Brain tumours are the biggest cancer killer of children and adults under 40. Over 88,000 children and adults are estimated to be living with a brain tumour in the UK and consequently most are coping with a reduced quality of life; over 5,000 each year will lose this battle.

Even though a shocking 12,000 people are diagnosed with a brain tumour every year, my diagnosis in 2020 came completely out of the blue! I was not suffering from any of the ‘usual’ symptoms; I merely had some tingling in my right foot after straining my back from sweeping. At first, I thought I had pulled a muscle in my back, impacting a nerve as the tingling was dull, not debilitating, nor did it really bother me. A few days after, I got the odd twinge in my right hand and again thought this was strange but not serious. The GP brushed it off and sent me for a Carpal Tunnel test, suggesting that as the back repairs, things would improve. Displeased and frustrated with this answer, I used my company’s private health care to expediate things to see a specialist. After visiting a spine specialist, and enduring a full spine MRI, nothing was to be found. I was then referred to a Neurologist, which was a complete surprise to me, as I first believed my spine was the route of the issue, but now the specialists were questioning if it was coming from higher up. Even though intrigued with my symptoms, the neurologist did not think there was anything sinister given the fact I felt, looked, and acted fine. I had no headaches, eye aches or seizures; some of the usual symptoms of a brain tumour. I was sent for a brain MRI – ‘just to be sure,’ which then resulted in another follow up MRI with a contrast dye. It was a Wednesday I will never forget; I was busy at work and had plans in the evening, so I politely declined the follow up MRI appointment and requested a more convenient time. When the MRI technician did not entertain this and suggested I cancel my plans, I knew that was not a good sign.

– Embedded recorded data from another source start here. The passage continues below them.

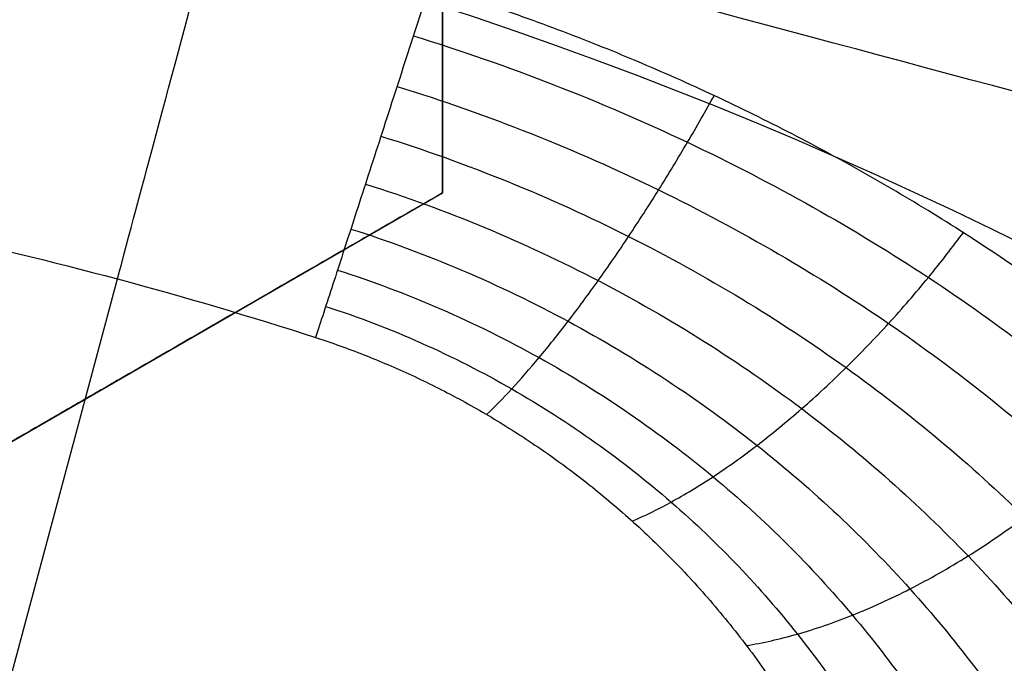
# Model space of a CAD drawing. Header units: centimetres. Extents: x -11.4 to 11.4, y -26.1 to 0.
# Tile 540 of 656: x -7.0082 to -6.9646, y -23.5951 to -23.5665. Entities that reach past the tile are written whole.
import ezdxf

# ---------------------------------------------------------------- set-up
doc = ezdxf.new("R2010")
doc.units = ezdxf.units.CM
doc.layers.add('Default', color=7, linetype='Continuous', true_color=0x000000)

msp = doc.modelspace()

# ---------------------------------------------------------------- linework, layer by layer
at = {"layer": 'Default'}
for p, q in [((-6.9895, -23.57419684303, -3.1706857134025), (-6.9895, -23.54648403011, -3.1706857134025)), ((-7.0135, -23.58805324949, -3.1622581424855), (-6.989500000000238, -23.57419684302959, -3.1622581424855)), ((-7.012791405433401, -23.6111356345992, -3.287500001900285), (-7.003916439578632, -23.57801381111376, -3.238528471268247)), ((-7.001500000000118, -23.5811250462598, -3.188766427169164), (-7.001500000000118, -23.5811250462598, -3.135557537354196))]:
    msp.add_line(p, q, dxfattribs=at)
at = {"layer": 'Default', "extrusion": (0, 0, -1)}
for centre, radius, start, end in [((7.050000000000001, -23.75, 3), 0.9, 90, 270), ((7.050000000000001, -23.75, 3.789997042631), 0.8999999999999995, 90, 270), ((7.050000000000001, -23.75, 4.600000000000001), 0.8550000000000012, 90, 270), ((7.050000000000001, -23.75, 4.27), 0.8250000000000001, 0, 180), ((7.050000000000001, -23.75, 4.48), 0.82, 0, 180), ((7.050000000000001, -23.75, 4.455), 0.7950000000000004, 0, 180), ((7.050000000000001, -23.75, 4.32), 0.7825000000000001, 0, 180), ((7.050000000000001, -23.75, 4.455), 0.7825000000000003, 0, 180), ((7.050000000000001, -23.75, 3.984878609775), 0.7584500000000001, 90, 180), ((7.050000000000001, -23.75, 4.345000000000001), 0.7575000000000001, 0, 180), ((7.050000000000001, -23.75, 3.2675), 0.6775000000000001, 0, 180), ((7.050000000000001, -23.75, 3.2775), 0.677500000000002, 0, 180), ((7.050000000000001, -23.75, 3.25), 0.6725, 0, 180), ((7.050000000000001, -23.75, 3.2875), 0.6725, 0, 180), ((7.050000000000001, -23.75, 3.25), 0.6367740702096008, 0, 180), ((7.050000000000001, -23.75, 3.269019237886), 0.6125, 0, 180), ((7.050000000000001, -23.75, 4.69), 0.6075000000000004, 0, 180), ((7.050000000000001, -23.75, 4.670980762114), 0.6075, 0, 180), ((7.050000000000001, -23.75, 3.255), 0.6075, 0, 180), ((7.050000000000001, -23.75, 3.2875), 0.6075, 0, 180), ((7.050000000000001, -23.75, 3.05), 0.5999999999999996, 90, 270), ((7.050000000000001, -23.75, 3.255), 0.55, 0, 180), ((7.050000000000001, -23.75, 3.263395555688), 0.5500000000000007, 0, 180), ((7.050000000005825, -23.7500000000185, 3.2875), 0.1937629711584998, 90.00000000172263, 126.1614513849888), ((7.050000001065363, -23.75000000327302, 3.238528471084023), 0.178053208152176, 102.0519351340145, 107.9480649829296)]:
    msp.add_arc(centre, radius, start, end, dxfattribs=at)
at = {"layer": 'Default'}
for centre, radius, start, end in [((-7.050000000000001, -23.75, -4.6), 0.8550000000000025, 270, 90), ((-7.050000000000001, -23.75, -4.27), 0.835, 270, 90), ((-7.050000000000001, -23.75, -4.58), 0.8349999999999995, 270, 90), ((-7.050000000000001, -23.75, -4.425000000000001), 0.8349999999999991, 270, 90), ((-7.050000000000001, -23.75, -4.295000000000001), 0.8250000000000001, 0, 180), ((-7.050000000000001, -23.75, -4.282500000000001), 0.8250000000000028, 0, 180), ((-7.050000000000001, -23.75, -4.32), 0.8, 0, 180), ((-7.050000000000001, -23.75, -3.1), 0.775, 270, 90), ((-7.050000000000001, -23.75, -3.5986250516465), 0.7749999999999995, 270, 90), ((-7.050000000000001, -23.75, -4.43), 0.7575000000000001, 0, 180), ((-7.050000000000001, -23.75, -4.3875), 0.7575000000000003, 0, 180), ((-7.050000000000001, -23.75, -3.2425), 0.75, 0, 180), ((-7.050000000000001, -23.75, -3.98), 0.75, 0, 180), ((-7.050000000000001, -23.75, -3.2425), 0.7025000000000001, 0, 180), ((-7.050000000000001, -23.75, -3.2875), 0.6775000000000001, 0, 180), ((-7.050000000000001, -23.75, -3.26875), 0.6724999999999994, 0, 180), ((-7.050000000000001, -23.75, -4.66), 0.67, 0, 180), ((-7.050000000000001, -23.75, -4.69), 0.6400000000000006, 0, 180), ((-7.050000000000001, -23.75, -3.25), 0.636774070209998, 0, 180), ((-7.050000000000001, -23.75, -3.2875), 0.6231698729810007, 0, 180), ((-7.050000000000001, -23.75, -4.680490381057), 0.6075000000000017, 0, 180), ((-7.050000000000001, -23.75, -3.27125), 0.6075000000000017, 0, 180), ((-7.050000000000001, -23.75, -3), 0.6000000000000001, 270, 90), ((-7.050000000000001, -23.75, -3.1), 0.6000000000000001, 270, 90), ((-7.050000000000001, -23.75, -3.271791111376), 0.55, 0, 180), ((-7.050000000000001, -23.75, -3.25875), 0.2138939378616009, 58.36410077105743, 91.63589922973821)]:
    msp.add_arc(centre, radius, start, end, dxfattribs=at)
at = {"layer": 'Default', "extrusion": (-0.9659258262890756, 0.2588190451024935, 0)}
msp.add_arc((24.57097639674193, -3.25, 0.662824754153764), 0.02, 35.00000001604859, 89.99999998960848, dxfattribs=at)
at = {"layer": 'Default', "extrusion": (-0.258819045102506, -0.9659258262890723, 0)}
msp.add_arc((-0.652824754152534, -3.29, 24.56903843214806), 0.05999999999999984, 21.11060182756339, 90, dxfattribs=at)
at = {"layer": 'Default'}
for points, degree in [([(-7.050000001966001, -22.85000591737, -4.579994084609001), (-7.038829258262, -22.85000591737, -4.579994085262), (-7.016470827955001, -22.85041309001, -4.57996809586), (-6.982913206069, -22.85229470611, -4.579978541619), (-6.949430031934, -22.85542554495, -4.579975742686), (-6.916038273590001, -22.85981313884, -4.579976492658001), (-6.882816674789, -22.86545048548, -4.579976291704), (-6.849855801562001, -22.87232107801, -4.579976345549), (-6.817154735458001, -22.88042458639, -4.579976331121), (-6.784792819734, -22.88974261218, -4.579976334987), (-6.752822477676, -22.90025696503, -4.579976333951), (-6.721248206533, -22.91196643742, -4.579976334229), (-6.690138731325, -22.92484687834, -4.579976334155), (-6.659531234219, -22.93888214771, -4.579976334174), (-6.629466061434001, -22.95405467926, -4.579976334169), (-6.60000794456, -22.97033040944, -4.579976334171), (-6.571170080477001, -22.98770094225, -4.57997633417), (-6.542992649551, -23.00614419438, -4.57997633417), (-6.515530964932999, -23.02562391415, -4.57997633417), (-6.488811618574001, -23.04612101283, -4.57997633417), (-6.462881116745, -23.06760056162, -4.57997633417), (-6.437786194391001, -23.09002131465, -4.57997633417), (-6.413531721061, -23.11337910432, -4.57997633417), (-6.390166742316, -23.13762926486, -4.57997633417), (-6.367728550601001, -23.1627320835, -4.57997633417), (-6.346240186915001, -23.18866229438, -4.57997633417), (-6.325745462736, -23.21536660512, -4.57997633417), (-6.306266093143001, -23.24281397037, -4.57997633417), (-6.287815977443, -23.27098694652, -4.57997633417), (-6.270435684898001, -23.29982524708, -4.57997633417), (-6.254144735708, -23.32929531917, -4.57997633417), (-6.238966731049, -23.35935601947, -4.57997633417), (-6.22493234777, -23.3899431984, -4.57997633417), (-6.212045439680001, -23.4210469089, -4.57997633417), (-6.200328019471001, -23.4526190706, -4.57997633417), (-6.189801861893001, -23.48460021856, -4.57997633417), (-6.180477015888, -23.5169596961, -4.57997633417), (-6.172370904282, -23.54963853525, -4.57997633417), (-6.165495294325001, -23.58258113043, -4.57997633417), (-6.159852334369, -23.61577939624, -4.57997633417), (-6.155455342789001, -23.64916502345, -4.57997633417), (-6.152310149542, -23.68268801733, -4.57997633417), (-6.150420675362, -23.71631200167, -4.57997633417), (-6.149790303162, -23.74996560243, -4.57997633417), (-6.150418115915, -23.78361971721, -4.57997633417), (-6.152305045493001, -23.81724384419, -4.57997633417), (-6.155447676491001, -23.85076694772, -4.57997633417), (-6.159842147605, -23.884153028, -4.57997633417), (-6.165482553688, -23.91735152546, -4.57997633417), (-6.172355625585, -23.95029454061, -4.57997633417), (-6.180459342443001, -23.98297436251, -4.57997633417), (-6.189781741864, -24.01533455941, -4.57997633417), (-6.200305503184, -24.0473165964, -4.57997633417), (-6.212020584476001, -24.07888976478, -4.57997633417), (-6.224905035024, -24.10999420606, -4.57997633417), (-6.238937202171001, -24.14058267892, -4.57997633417), (-6.254113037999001, -24.170644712, -4.57997633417), (-6.270401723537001, -24.20011593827, -4.57997633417), (-6.287779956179, -24.2289557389, -4.57997633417), (-6.306227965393, -24.25713010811, -4.57997633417), (-6.325705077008, -24.28457868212, -4.57997633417), (-6.346198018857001, -24.3112848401, -4.57997633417), (-6.367684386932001, -24.33721659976, -4.57997633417), (-6.390120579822, -24.3623209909, -4.57997633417), (-6.413483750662, -24.38657293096, -4.57997633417), (-6.437736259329, -24.40993235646, -4.57997633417), (-6.462829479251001, -24.4323550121, -4.57997633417), (-6.488758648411, -24.45383675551, -4.57997633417), (-6.515476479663, -24.47433588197, -4.57997633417), (-6.542936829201, -24.49381775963, -4.57997633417), (-6.571112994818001, -24.51226319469, -4.57997633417), (-6.599949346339, -24.52963576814, -4.579976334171), (-6.629406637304, -24.54591392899, -4.579976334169), (-6.659470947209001, -24.56108882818, -4.579976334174), (-6.690077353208, -24.57512635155, -4.579976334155), (-6.721186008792, -24.58800916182, -4.579976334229), (-6.752759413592, -24.59972097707, -4.579976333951), (-6.784729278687, -24.61023780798, -4.579976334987), (-6.817091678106, -24.61955853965, -4.579976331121), (-6.849792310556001, -24.62766442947, -4.579976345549), (-6.88275073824, -24.63453701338, -4.579976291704), (-6.915969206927, -24.64017644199, -4.579976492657), (-6.949361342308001, -24.64456678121, -4.579975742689), (-6.982852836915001, -24.64770094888, -4.579978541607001), (-7.016430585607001, -24.64958576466, -4.579968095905), (-7.038814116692, -24.64999408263, -4.579994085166), (-7.049999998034, -24.64999408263, -4.579994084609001)], 3), ([(-7.050000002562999, -22.87000771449, -4.599992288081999), (-7.038929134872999, -22.87000771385, -4.599992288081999), (-7.016824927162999, -22.87044777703, -4.600003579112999), (-6.983759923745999, -22.87231003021, -4.599999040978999), (-6.950849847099, -22.8754191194, -4.600000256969), (-6.918072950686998, -22.87975909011, -4.599999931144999), (-6.885477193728, -22.88532902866, -4.600000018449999), (-6.853104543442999, -22.89212084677, -4.599999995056), (-6.820976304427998, -22.90013377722, -4.600000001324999), (-6.789232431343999, -22.90933233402, -4.599999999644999), (-6.757976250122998, -22.91967364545, -4.600000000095), (-6.727177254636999, -22.93115663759, -4.599999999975), (-6.696849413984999, -22.94377187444, -4.600000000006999), (-6.666982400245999, -22.95752443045, -4.599999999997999), (-6.637633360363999, -22.97239239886, -4.6), (-6.608880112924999, -22.98833558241, -4.6), (-6.580743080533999, -23.00534064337, -4.6), (-6.553257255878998, -23.02338719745, -4.6), (-6.526470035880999, -23.04244368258, -4.6), (-6.500404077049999, -23.06249428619, -4.6), (-6.475109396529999, -23.08350162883, -4.6), (-6.450633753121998, -23.10542314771, -4.6), (-6.426981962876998, -23.12825403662, -4.6), (-6.404200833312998, -23.15195089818, -4.6), (-6.382323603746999, -23.17647785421, -4.6), (-6.361371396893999, -23.20181201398, -4.6), (-6.341387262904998, -23.22790124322, -4.6), (-6.322391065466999, -23.25471754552, -4.6), (-6.304398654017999, -23.28224122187, -4.6), (-6.287450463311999, -23.31041192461, -4.6), (-6.271564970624, -23.33919764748, -4.6), (-6.256764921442, -23.36855872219, -4.6), (-6.243080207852, -23.39843256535, -4.6), (-6.2305142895, -23.42881031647, -4.6), (-6.219089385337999, -23.45964319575, -4.6), (-6.208826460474, -23.4908734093, -4.6), (-6.199734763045, -23.52247268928, -4.6), (-6.191831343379, -23.55438357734, -4.6), (-6.185127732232, -23.58655183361, -4.6), (-6.179626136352, -23.61896932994, -4.6), (-6.175339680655, -23.65156823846, -4.6), (-6.172273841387, -23.68430056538, -4.6), (-6.170432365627, -23.71713212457, -4.6), (-6.169818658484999, -23.74999277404, -4.6), (-6.170431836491, -23.78285372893, -4.6), (-6.172272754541, -23.81568473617, -4.6), (-6.17533790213, -23.84841578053, -4.6), (-6.179623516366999, -23.88101313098, -4.6), (-6.185124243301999, -23.91342969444, -4.6), (-6.191827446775, -23.94559951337, -4.6), (-6.199731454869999, -23.97751522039, -4.6), (-6.208824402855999, -24.00912015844, -4.6), (-6.219088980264, -24.04035585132, -4.6), (-6.230515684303, -24.07119339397, -4.6), (-6.243083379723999, -24.10157483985, -4.6), (-6.256770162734, -24.13145229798, -4.6), (-6.271572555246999, -24.16081683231, -4.6), (-6.287460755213, -24.18960605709, -4.6), (-6.304412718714, -24.21778133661, -4.6), (-6.322408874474, -24.24530870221, -4.6), (-6.341407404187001, -24.27212610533, -4.6), (-6.361391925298, -24.29821371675, -4.6), (-6.382342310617, -24.32354381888, -4.6), (-6.404216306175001, -24.34806569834, -4.6), (-6.426994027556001, -24.37175796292, -4.6), (-6.450643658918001, -24.39458604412, -4.6), (-6.475121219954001, -24.41650866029, -4.6), (-6.500422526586, -24.43752061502, -4.6), (-6.526496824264, -24.45757628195, -4.6), (-6.553291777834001, -24.47663651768, -4.6), (-6.580784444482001, -24.49468551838, -4.6), (-6.608928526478, -24.51169257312, -4.6), (-6.637691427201, -24.52763854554, -4.6), (-6.667051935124, -24.54250933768, -4.599999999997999), (-6.696931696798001, -24.55626435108, -4.600000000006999), (-6.727274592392, -24.56888192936, -4.599999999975), (-6.758087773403, -24.58036572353, -4.600000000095), (-6.789353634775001, -24.59070531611, -4.599999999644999), (-6.821099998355, -24.59989952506, -4.600000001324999), (-6.853227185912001, -24.60790727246, -4.599999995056), (-6.885602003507, -24.61469476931, -4.600000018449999), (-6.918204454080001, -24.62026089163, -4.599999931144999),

Results day – February 2020… From the moment I stepped into the room for the appointment with the Neurologist, I knew something was wrong, as there was a nurse already in with the Consultant. I was informed the scan showed I had a tumour the size of a tennis ball in my brain and not surprisingly it needed to be removed ASAP. The next few days were a blur. Everything was moving quickly in preparation for me to have major brain surgery within a matter of days, which happened to be the same day the Coronavirus was declared a pandemic – two life changing events in one day. After 2 days recovering at St George’s Hospital, I was sent home as I was recovering well but also COVID-19 was sweeping through the hospital and so it was safer for me to continue my recovery at home. After a week, I returned to the hospital to have my staples removed and was given the devastating news that the tumour was malignant. I was referred to my local Oncology centre to undergo treatment for the remaining tumour. At first, I was told the tumour was at least grade III astrocytoma with a suggestion of further transformation to grade IV glioblastoma and so treatment had to begin immediately and there was no time to freeze my eggs. Further tests on the tumour confirmed that it was a diffuse grade 2 astrocytoma, however the treatment course would be the same. I had 6.5 weeks of radiotherapy, which meant when everyone else was going through the first UK lockdown I was leaving my house daily, Monday to Friday for ten-minute radiotherapy sessions – the upside was little to no traffic on the roads! Next, began my chemotherapy cycles; 5 days of chemo tablets followed by 23 days off. This cycle continued until it finished in early May 2021 causing the tumour to remain static.